In the product_option_value table, I have 'product_option,' 'product_id,' 'quantity' etc., and there's one column named 'info' that I want to NOT wipe. The method is below:
function storeOptionsIntoDatabase( &$database, &$options )
{
// find the default language id
$languageId = $this->getDefaultLanguageId($database);
// start transaction, remove options
$sql = "START TRANSACTION;\n";
$sql .= "DELETE FROM `".DB_PREFIX."product_option`;\n";
$sql .= "DELETE FROM `".DB_PREFIX."product_option_description` WHERE language_id=$languageId;\n";
$sql .= "DELETE FROM `".DB_PREFIX."product_option_value`;\n";
$sql .= "DELETE FROM `".DB_PREFIX."product_option_value_description` WHERE language_id=$languageId;\n";
$this->import( $database, $sql );
...more code...
}
I'm not that familiar with MySQL, but I want something to the effect of:
$sql .= "DELETE FROM `".DB_PREFIX."product_option_value` WHERE column != 'info';\n";
Thanks!
Edit:
I tried Michael's suggestion to use UPDATE and explicitly setting them all to NULL... but that returned this error:
Error: Duplicate entry '0' for key 1
Error No: 1062 UPDATE
oc_product_option_value SET
product_option_value_id=NULL,
product_option_id=NULL,
product_id=NULL, quantity=NULL,
subtract=NULL, price=NULL,
prefix=NULL, sort_order=NULL,
weight=NULL, sku=NULL, image=NULL
I tried taking out the primary key:
$sql .= "UPDATE
".DB_PREFIX."product_option_value
SET product_option_id=NULL,
product_id=NULL, quantity=NULL,
subtract=NULL, price=NULL,
prefix=NULL, sort_order=NULL,
weight=NULL;\n";
but I get:
Error: Duplicate entry '1' for key 1
Error No: 1062 INSERT INTO
`oc_product....
Edit:
Okay, so I removed the 'primary_key' field from the INSERT... and I got no error messages from the upload. But when I view a product that product options, I get this message the top of my page:
Notice: Undefined index: name in
/httpdocs/ocart/catalog/model/catalog/product.php
on line 418Notice: Undefined index:
name in
/httpdocs/ocart/catalog/model/catalog/product.php
on line 418Notic.... it repeats
Make sure I understand: You want to clear values from all columns in the table product_option_value except for the column info ? If that's what you want, then the following may work. Please don't run it before we're clear on what you're trying to do!

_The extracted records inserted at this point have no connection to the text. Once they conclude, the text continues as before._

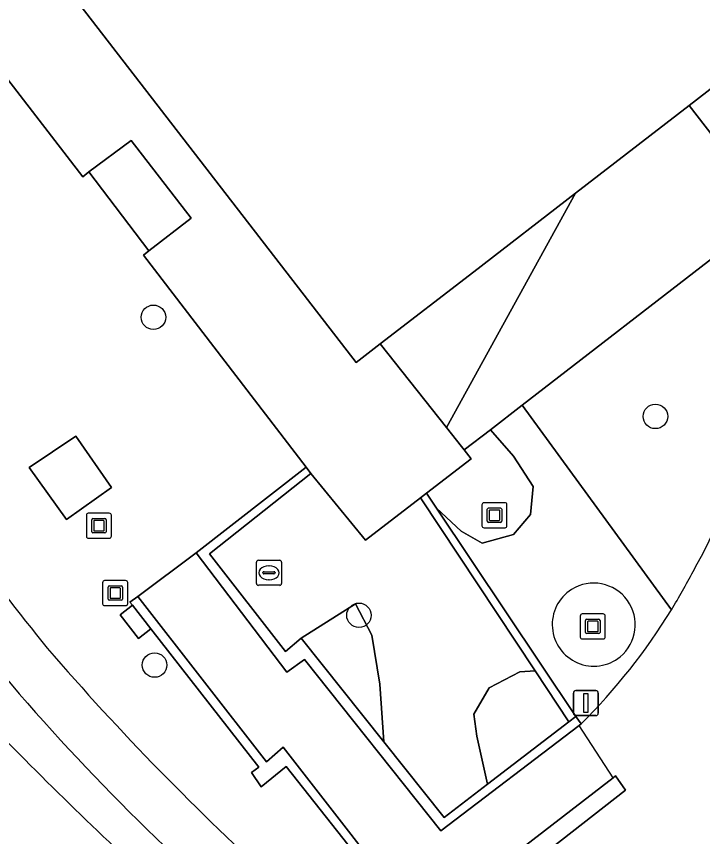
# Model space of a CAD drawing. Extents: x 161087 to 161926, y 382572 to 383873.
# Drawn here: x 161481.74 to 161509.14, y 382829.06 to 382861.81 of the extents above; entities that cross this region are included whole.
import ezdxf

# ---------------------------------------------------------------- set-up
doc = ezdxf.new("R2010")
doc.units = 0
for name, color, linetype in [('IMGEO_Berm_open', 7, 'Continuous'), ('IMGEO_Boom', 7, 'Continuous'), ('IMGEO_Fietspad_gesloten', 7, 'Continuous'), ('IMGEO_Groenvoorziening', 7, 'Continuous'), ('IMGEO_Kunstobject', 7, 'Continuous'), ('IMGEO_Lichtmast', 7, 'Continuous'), ('IMGEO_Lijnafwatering', 7, 'Continuous'), ('IMGEO_Muur', 7, 'Continuous'), ('IMGEO_OVBaan_gesloten', 7, 'Continuous'), ('IMGEO_Pand', 7, 'Continuous'), ('IMGEO_Rioolput', 7, 'Continuous'), ('IMGEO_Terreindeel_open', 7, 'Continuous'), ('IMGEO_Voetgangersgebied_open', 7, 'Continuous'), ('IMGEO_Voetpad_gesloten', 7, 'Continuous'), ('IMGEO_Voetpad_op_trap', 7, 'Continuous'), ('IMGEO_Voetpad_open', 7, 'Continuous')]:
    doc.layers.add(name, color=color, linetype=linetype)

msp = doc.modelspace()

# ---------------------------------------------------------------- linework, layer by layer
at = {"layer": 'IMGEO_Berm_open'}
for centre, radius, start, end in [((161551.055, 382894.885), 91.665, 217.88254, 227.80147), ((161590.822, 382940.217), 153.316, 224.3534, 228.10257)]:
    msp.add_arc(centre, radius, start, end, dxfattribs=at)
at = {"layer": 'IMGEO_Boom'}
for centre in [(161487.215, 382849.796), (161507.253, 382845.84), (161495.42, 382837.898), (161487.258, 382835.912)]:
    msp.add_circle(centre, 0.489, dxfattribs=at)
at = {"layer": 'IMGEO_Fietspad_gesloten'}
for centre, radius, start, end in [((161585.631, 382919.443), 131.922, 214.09026, 218.90997), ((161551.055, 382894.885), 91.665, 217.88254, 227.80147), ((161565.476, 382907.779), 108.971, 220.79438, 227.77696)]:
    msp.add_arc(centre, radius, start, end, dxfattribs=at)
at = {"layer": 'IMGEO_Groenvoorziening'}
for points in [[(161512.483, 382861.253), (161508.601, 382858.256), (161511.883, 382854.004), (161515.779, 382857.005)], [(161509.955, 382852.494), (161511.883, 382854.004), (161508.601, 382858.256), (161504.062, 382854.751), (161498.916, 382845.391), (161499.511, 382844.641), (161499.624, 382844.499), (161500.663, 382845.304), (161501.933, 382846.284)], [(161504.062, 382854.751), (161500, 382851.615), (161496.266, 382848.732), (161498.916, 382845.391)], [(161502.372, 382843.037), (161501.591, 382844.25), (161500.663, 382845.304), (161499.624, 382844.499), (161499.901, 382844.149), (161498.119, 382842.775), (161498.518, 382842.178), (161499.497, 382841.264), (161500.343, 382840.783), (161501.592, 382841.121), (161502.268, 382841.923)], [(161497.872, 382842.586), (161495.682, 382840.897), (161493.502, 382843.566), (161489.45, 382840.349), (161492.488, 382836.451), (161493.114, 382836.984), (161495.285, 382838.355), (161495.927, 382837.101), (161496.248, 382835.146), (161496.406, 382832.852), (161498.814, 382829.829), (161500.552, 382831.159), (161500.119, 382833.069), (161500.009, 382833.95), (161500.621, 382835), (161501.846, 382835.642), (161502.452, 382835.676)], [(161486.375, 382838.299), (161485.892, 382837.913), (161486.62, 382836.979), (161487.108, 382837.36)], [(161495.927, 382837.101), (161495.285, 382838.355), (161493.114, 382836.984), (161496.406, 382832.852), (161496.248, 382835.146)], [(161502.452, 382835.676), (161501.846, 382835.642), (161500.621, 382835), (161500.009, 382833.95), (161500.119, 382833.069), (161500.552, 382831.159), (161503.799, 382833.644)]]:
    msp.add_lwpolyline(points, close=True, dxfattribs=at)
for points in [[(161510.58, 382850.29), (161510.356, 382851.242), (161509.955, 382852.494), (161501.933, 382846.284), (161507.891, 382838.119)], [(161501.933, 382846.284), (161500.663, 382845.304), (161501.591, 382844.25), (161502.372, 382843.037), (161502.268, 382841.923), (161501.592, 382841.121), (161500.343, 382840.783), (161499.497, 382841.264), (161498.518, 382842.178), (161504.078, 382833.857), (161504.288, 382833.565)], [(161507.891, 382838.119), (161501.933, 382846.284)]]:
    msp.add_lwpolyline(points, dxfattribs=at)
for centre, radius, start, end in [((161495.352, 382847.425), 15.495, 329.8728, 10.6547), ((161486.6, 382851.144), 24.959, 328.5431, 332.5743), ((161504.785, 382837.523), 1.663, 309.5593, 121.9978), ((161504.796, 382837.531), 1.662, 122.4657, 309.0914), ((161487.166, 382850.813), 24.303, 314.7886, 328.5113)]:
    msp.add_arc(centre, radius, start, end, dxfattribs=at)
at = {"layer": 'IMGEO_Kunstobject'}
for p, q in [((161500.328, 382842.311), (161500.328, 382841.47)), ((161500.328, 382842.311), (161500.328, 382841.47)), ((161501.244, 382842.395), (161500.403, 382842.395)), ((161501.244, 382842.395), (161500.403, 382842.395)), ((161500.542, 382841.659), (161500.542, 382842.133)), ((161500.592, 382842.183), (161501.066, 382842.183)), ((161501.016, 382842.103), (161500.642, 382842.103)), ((161501.116, 382842.133), (161501.116, 382841.659)), ((161501.328, 382841.479), (161501.328, 382842.32)), ((161501.328, 382841.479), (161501.328, 382842.32)), ((161484.536, 382841.889), (161484.536, 382841.048)), ((161484.536, 382841.889), (161484.536, 382841.048)), ((161485.452, 382841.973), (161484.611, 382841.973)), ((161485.452, 382841.973), (161484.611, 382841.973)), ((161484.8, 382841.761), (161485.274, 382841.761)), ((161485.536, 382841.057), (161485.536, 382841.898)), ((161485.536, 382841.057), (161485.536, 382841.898)), ((161500.622, 382842.083), (161500.622, 382841.709)), ((161501.036, 382841.709), (161501.036, 382842.083)), ((161484.75, 382841.237), (161484.75, 382841.711)), ((161484.83, 382841.661), (161484.83, 382841.287)), ((161485.224, 382841.681), (161484.85, 382841.681)), ((161485.244, 382841.287), (161485.244, 382841.661)), ((161485.324, 382841.711), (161485.324, 382841.237)), ((161501.066, 382841.609), (161500.592, 382841.609)), ((161500.642, 382841.689), (161501.016, 382841.689)), ((161485.274, 382841.187), (161484.8, 382841.187)), ((161484.85, 382841.267), (161485.224, 382841.267)), ((161500.412, 382841.395), (161501.253, 382841.395)), ((161500.412, 382841.395), (161501.253, 382841.395)), ((161484.62, 382840.973), (161485.461, 382840.973)), ((161484.62, 382840.973), (161485.461, 382840.973)), ((161485.187, 382839.2), (161485.187, 382838.359)), ((161485.187, 382839.2), (161485.187, 382838.359)), ((161486.103, 382839.284), (161485.262, 382839.284)), ((161486.103, 382839.284), (161485.262, 382839.284)), ((161486.187, 382838.368), (161486.187, 382839.209)), ((161486.187, 382838.368), (161486.187, 382839.209)), ((161485.401, 382838.548), (161485.401, 382839.022)), ((161485.451, 382839.072), (161485.925, 382839.072)), ((161485.481, 382838.972), (161485.481, 382838.598)), ((161485.875, 382838.992), (161485.501, 382838.992)), ((161485.895, 382838.598), (161485.895, 382838.972)), ((161485.975, 382839.022), (161485.975, 382838.548)), ((161485.925, 382838.498), (161485.451, 382838.498)), ((161485.501, 382838.578), (161485.875, 382838.578)), ((161485.271, 382838.284), (161486.112, 382838.284)), ((161485.271, 382838.284), (161486.112, 382838.284)), ((161504.253, 382837.871), (161504.253, 382837.03)), ((161504.253, 382837.871), (161504.253, 382837.03)), ((161505.169, 382837.955), (161504.328, 382837.955)), ((161505.169, 382837.955), (161504.328, 382837.955)), ((161505.253, 382837.039), (161505.253, 382837.88)), ((161505.253, 382837.039), (161505.253, 382837.88)), ((161504.467, 382837.219), (161504.467, 382837.693)), ((161504.517, 382837.743), (161504.991, 382837.743)), ((161504.547, 382837.643), (161504.547, 382837.269)), ((161504.941, 382837.663), (161504.567, 382837.663)), ((161504.961, 382837.269), (161504.961, 382837.643)), ((161505.041, 382837.693), (161505.041, 382837.219)), ((161504.567, 382837.249), (161504.941, 382837.249)), ((161504.337, 382836.955), (161505.178, 382836.955)), ((161504.337, 382836.955), (161505.178, 382836.955)), ((161504.991, 382837.169), (161504.517, 382837.169))]:
    msp.add_line(p, q, dxfattribs=at)
for centre, radius, start, end in [((161500.406, 382842.317), 0.0779, 92.4484, 184.2845), ((161500.406, 382842.317), 0.0779, 92.4484, 184.2845), ((161500.592, 382842.133), 0.05, 90, 180), ((161500.642, 382842.083), 0.02, 90, 180), ((161501.016, 382842.083), 0.02, 360, 90), ((161501.066, 382842.133), 0.05, 360, 90), ((161501.25, 382842.317), 0.0779, 2.4484, 94.2845), ((161501.25, 382842.317), 0.0779, 2.4484, 94.2845), ((161484.614, 382841.895), 0.0779, 92.4484, 184.2845), ((161484.614, 382841.895), 0.0779, 92.4484, 184.2845), ((161484.8, 382841.711), 0.05, 90, 180), ((161485.274, 382841.711), 0.05, 360, 90), ((161485.458, 382841.895), 0.0779, 2.4484, 94.2845), ((161485.458, 382841.895), 0.0779, 2.4484, 94.2845), ((161484.85, 382841.661), 0.02, 90, 180), ((161485.224, 382841.661), 0.02, 360, 90), ((161500.406, 382841.473), 0.0779, 182.4484, 274.2845), ((161500.406, 382841.473), 0.0779, 182.4484, 274.2845), ((161500.592, 382841.659), 0.05, 180, 270), ((161500.642, 382841.709), 0.02, 180, 270), ((161501.016, 382841.709), 0.02, 270, 0), ((161501.066, 382841.659), 0.05, 270, 0), ((161501.25, 382841.473), 0.0779, 272.4484, 4.2845), ((161501.25, 382841.473), 0.0779, 272.4484, 4.2845), ((161484.8, 382841.237), 0.05, 180, 270), ((161484.85, 382841.287), 0.02, 180, 270), ((161485.224, 382841.287), 0.02, 270, 0), ((161485.274, 382841.237), 0.05, 270, 0), ((161484.614, 382841.051), 0.0779, 182.4484, 274.2845), ((161484.614, 382841.051), 0.0779, 182.4484, 274.2845), ((161485.458, 382841.051), 0.0779, 272.4484, 4.2845), ((161485.458, 382841.051), 0.0779, 272.4484, 4.2845), ((161485.265, 382839.206), 0.0779, 92.4484, 184.2845), ((161485.265, 382839.206), 0.0779, 92.4484, 184.2845), ((161486.109, 382839.206), 0.0779, 2.4484, 94.2845), ((161486.109, 382839.206), 0.0779, 2.4484, 94.2845), ((161485.451, 382839.022), 0.05, 90, 180), ((161485.501, 382838.972), 0.02, 90, 180), ((161485.875, 382838.972), 0.02, 360, 90), ((161485.925, 382839.022), 0.05, 360, 90), ((161485.451, 382838.548), 0.05, 180, 270), ((161485.501, 382838.598), 0.02, 180, 270), ((161485.875, 382838.598), 0.02, 270, 0), ((161485.925, 382838.548), 0.05, 270, 0), ((161485.265, 382838.362), 0.0779, 182.4484, 274.2845), ((161485.265, 382838.362), 0.0779, 182.4484, 274.2845), ((161486.109, 382838.362), 0.0779, 272.4484, 4.2845), ((161486.109, 382838.362), 0.0779, 272.4484, 4.2845), ((161504.331, 382837.877), 0.0779, 92.4484, 184.2845), ((161504.331, 382837.877), 0.0779, 92.4484, 184.2845), ((161505.175, 382837.877), 0.0779, 2.4484, 94.2845), ((161505.175, 382837.877), 0.0779, 2.4484, 94.2845), ((161504.517, 382837.693), 0.05, 90, 180), ((161504.567, 382837.643), 0.02, 90, 180), ((161504.941, 382837.643), 0.02, 360, 90), ((161504.991, 382837.693), 0.05, 360, 90), ((161504.517, 382837.219), 0.05, 180, 270), ((161504.567, 382837.269), 0.02, 180, 270), ((161504.941, 382837.269), 0.02, 270, 0), ((161504.991, 382837.219), 0.05, 270, 0), ((161504.331, 382837.033), 0.0779, 182.4484, 274.2845), ((161504.331, 382837.033), 0.0779, 182.4484, 274.2845), ((161505.175, 382837.033), 0.0779, 272.4484, 4.2845), ((161505.175, 382837.033), 0.0779, 272.4484, 4.2845)]:
    msp.add_arc(centre, radius, start, end, dxfattribs=at)
at = {"layer": 'IMGEO_Lichtmast'}
for p, q in [((161504.08, 382834.897), (161504.87, 382834.897)), ((161504.87, 382834.897), (161504.08, 382834.897)), ((161503.98, 382833.997), (161503.98, 382834.797)), ((161503.98, 382834.797), (161503.98, 382833.997)), ((161504.97, 382834.797), (161504.97, 382833.997)), ((161504.97, 382833.997), (161504.97, 382834.797)), ((161504.87, 382833.897), (161504.08, 382833.897)), ((161504.08, 382833.897), (161504.87, 382833.897))]:
    msp.add_line(p, q, dxfattribs=at)
msp.add_lwpolyline([(161504.4, 382834.772), (161504.55, 382834.772), (161504.55, 382834.022), (161504.4, 382834.022), (161504.4, 382834.772)], dxfattribs=at)
for centre, start, end in [((161504.08, 382834.797), 90, 180), ((161504.08, 382834.797), 90, 180), ((161504.87, 382834.797), 0, 90), ((161504.87, 382834.797), 360, 90), ((161504.08, 382833.997), 180, 270), ((161504.08, 382833.997), 180, 270), ((161504.87, 382833.997), 270, 0), ((161504.87, 382833.997), 270, 0)]:
    msp.add_arc(centre, 0.1, start, end, dxfattribs=at)
at = {"layer": 'IMGEO_Lijnafwatering'}
msp.add_lwpolyline([(161505.563, 382831.416), (161504.209, 382833.505)], dxfattribs=at)
at = {"layer": 'IMGEO_Muur'}
for points in [[(161504.209, 382833.505), (161504.288, 382833.565), (161504.078, 382833.857), (161503.799, 382833.644), (161500.552, 382831.159), (161498.814, 382829.829), (161496.406, 382832.852), (161493.114, 382836.984), (161492.488, 382836.451), (161489.45, 382840.349), (161493.502, 382843.566), (161493.314, 382843.811), (161488.926, 382840.391), (161492.539, 382835.625), (161493.247, 382836.137), (161498.689, 382829.297)], [(161498.518, 382842.178), (161498.119, 382842.775), (161497.872, 382842.586), (161502.452, 382835.676), (161503.799, 382833.644), (161504.078, 382833.857)], [(161506.055, 382830.912), (161505.658, 382831.489), (161505.563, 382831.416), (161497.926, 382825.513), (161492.394, 382832.629), (161491.726, 382832.044), (161486.593, 382838.651), (161486.273, 382838.429), (161486.375, 382838.299), (161487.108, 382837.36), (161491.422, 382831.833), (161491.13, 382831.626), (161491.521, 382831.05), (161492.513, 382831.862), (161498.145, 382824.749), (161499.33, 382825.672), (161501.373, 382827.264)]]:
    msp.add_lwpolyline(points, close=True, dxfattribs=at)
at = {"layer": 'IMGEO_OVBaan_gesloten'}
msp.add_arc((161590.822, 382940.217), 153.316, 224.3534, 228.10257, dxfattribs=at)
at = {"layer": 'IMGEO_Pand'}
msp.add_lwpolyline([(161509.299, 382910.845), (161504.422, 382917.152), (161504.189, 382916.971), (161500, 382913.739), (161480.962, 382899.05), (161480.418, 382899.706), (161468.666, 382890.646), (161469.189, 382889.988), (161465.241, 382886.911), (161473.698, 382875.969), (161495.302, 382847.988), (161496.266, 382848.732), (161500, 382851.615), (161504.062, 382854.751), (161508.601, 382858.256), (161512.483, 382861.253)], dxfattribs=at)
at = {"layer": 'IMGEO_Rioolput'}
for p, q in [((161491.327, 382839.17), (161491.327, 382840.022)), ((161491.402, 382840.096), (161492.254, 382840.096)), ((161491.815, 382839.876), (161491.84, 382839.876)), ((161492.328, 382840.022), (161492.328, 382839.17)), ((161491.586, 382839.59), (161491.586, 382839.602)), ((161492.024, 382839.553), (161491.626, 382839.553)), ((161491.629, 382839.639), (161492.027, 382839.639)), ((161492.07, 382839.602), (161492.07, 382839.59)), ((161491.838, 382839.316), (161491.813, 382839.316)), ((161492.254, 382839.096), (161491.402, 382839.096))]:
    msp.add_line(p, q, dxfattribs=at)
for points in [[(161491.327, 382839.17), (161491.327, 382840.022)], [(161491.402, 382840.096), (161492.254, 382840.096)], [(161492.328, 382840.022), (161492.328, 382839.17)], [(161492.254, 382839.096), (161491.402, 382839.096)]]:
    msp.add_lwpolyline(points, dxfattribs=at)
for centre, radius, start, end in [((161491.404, 382840.02), 0.0765, 91.552, 178.448), ((161491.404, 382840.02), 0.0765, 91.552, 178.448), ((161492.252, 382840.02), 0.0765, 1.552, 88.448), ((161492.252, 382840.02), 0.0765, 1.552, 88.448), ((161491.626, 382839.599), 0.0403, 85.8775, 175.7526), ((161491.623, 382839.589), 0.0366, 178.938, 274.7102), ((161492.027, 382839.596), 0.043, 264.8664, 352.4533), ((161492.031, 382839.601), 0.0386, 1.7309, 96.639), ((161491.404, 382839.172), 0.0765, 181.552, 268.448), ((161491.404, 382839.172), 0.0765, 181.552, 268.448), ((161492.252, 382839.172), 0.0765, 271.552, 358.448), ((161492.252, 382839.172), 0.0765, 271.552, 358.448)]:
    msp.add_arc(centre, radius, start, end, dxfattribs=at)
for centre, major_axis, ratio, start_param, end_param in [((161491.814, 382839.596), (-0.387, 0.002), 0.722429, 4.712389, 7.853982), ((161491.839, 382839.596), (-0.39, 0.002), 0.717154, 1.570796, 4.712389)]:
    msp.add_ellipse(centre, major_axis=major_axis, ratio=ratio, start_param=start_param, end_param=end_param, dxfattribs=at)
at = {"layer": 'IMGEO_Terreindeel_open'}
for centre, radius, start, end in [((161504.785, 382837.523), 1.663, 309.5593, 121.9978), ((161504.796, 382837.531), 1.662, 122.4657, 309.0914)]:
    msp.add_arc(centre, radius, start, end, dxfattribs=at)
at = {"layer": 'IMGEO_Voetgangersgebied_open'}
for points in [[(161466.603, 382878.487), (161484.393, 382855.405), (161484.636, 382855.608), (161486.327, 382856.855), (161488.719, 382853.755), (161487.027, 382852.446), (161486.818, 382852.283), (161493.314, 382843.811), (161493.502, 382843.566), (161495.682, 382840.897), (161497.872, 382842.586), (161498.119, 382842.775), (161499.901, 382844.149), (161499.624, 382844.499), (161499.511, 382844.641), (161498.916, 382845.391), (161496.266, 382848.732), (161495.302, 382847.988), (161473.698, 382875.969)], [(161498.145, 382824.749), (161492.513, 382831.862), (161491.521, 382831.05), (161491.13, 382831.626), (161491.422, 382831.833), (161487.108, 382837.36), (161486.62, 382836.979), (161485.892, 382837.913), (161486.375, 382838.299), (161486.273, 382838.429), (161486.593, 382838.651), (161488.926, 382840.391), (161493.314, 382843.811), (161486.818, 382852.283), (161487.027, 382852.446), (161484.636, 382855.608), (161484.393, 382855.405), (161466.603, 382878.487)]]:
    msp.add_lwpolyline(points, dxfattribs=at)
msp.add_lwpolyline([(161484.115, 382845.044), (161485.539, 382843.002), (161483.748, 382841.729), (161482.256, 382843.805)], close=True, dxfattribs=at)
for centre, radius, start, end in [((161585.631, 382919.443), 131.922, 214.09026, 218.90997), ((161565.476, 382907.779), 108.971, 220.79438, 227.77696)]:
    msp.add_arc(centre, radius, start, end, dxfattribs=at)
at = {"layer": 'IMGEO_Voetpad_gesloten'}
msp.add_lwpolyline([(161504.288, 382833.565), (161504.209, 382833.505), (161498.689, 382829.297), (161493.247, 382836.137), (161492.539, 382835.625), (161488.926, 382840.391), (161486.593, 382838.651), (161491.726, 382832.044), (161492.394, 382832.629), (161497.926, 382825.513), (161505.563, 382831.416), (161505.658, 382831.489), (161506.055, 382830.912), (161501.373, 382827.264), (161504.498, 382823.45), (161504.691, 382823.29), (161512.995, 382832.094)], dxfattribs=at)
for centre, radius, start, end in [((161495.352, 382847.425), 15.495, 329.8728, 10.6547), ((161486.6, 382851.144), 24.959, 328.5431, 332.5743), ((161487.166, 382850.813), 24.303, 314.7886, 328.5113)]:
    msp.add_arc(centre, radius, start, end, dxfattribs=at)
at = {"layer": 'IMGEO_Voetpad_op_trap'}
msp.add_lwpolyline([(161486.327, 382856.855), (161484.636, 382855.608), (161487.027, 382852.446), (161488.719, 382853.755)], close=True, dxfattribs=at)
at = {"layer": 'IMGEO_Voetpad_open'}
msp.add_lwpolyline([(161482.256, 382843.805), (161483.748, 382841.729), (161485.539, 382843.002), (161484.115, 382845.044)], close=True, dxfattribs=at)

doc.saveas('drawing.dxf')

DELETE FROM syntax implies deleting from a table name, not a column name. What you'll need to do instead is to UPDATE your rows to set all columns except the one you intend to keep to be either NULL or empty or their default value.
Don't forget to add a WHERE condition if you need to keep some rows as they are without modifying them! Without a WHERE, this query will NULL out all columns specified in the whole table.
UPDATE product_option_value
SET
product_option = NULL,
product_id = NULL,
quantity = NULL,
etc...
WHERE (some where condition if you need one)
I'm adding a second answer, taking a completely different approach which avoids SQL problems.
Export your table as a comma-separated text file. You can do this with phpmyadmin, or MySQL Workbench.
Open your CSV in a spreadsheet
Clear out the columns you want to clear out.
Save as a new CSV
Import the CSV back into your database using phpmyadmin, Workbench, or the LOAD DATA LOCAL INFILE syntax.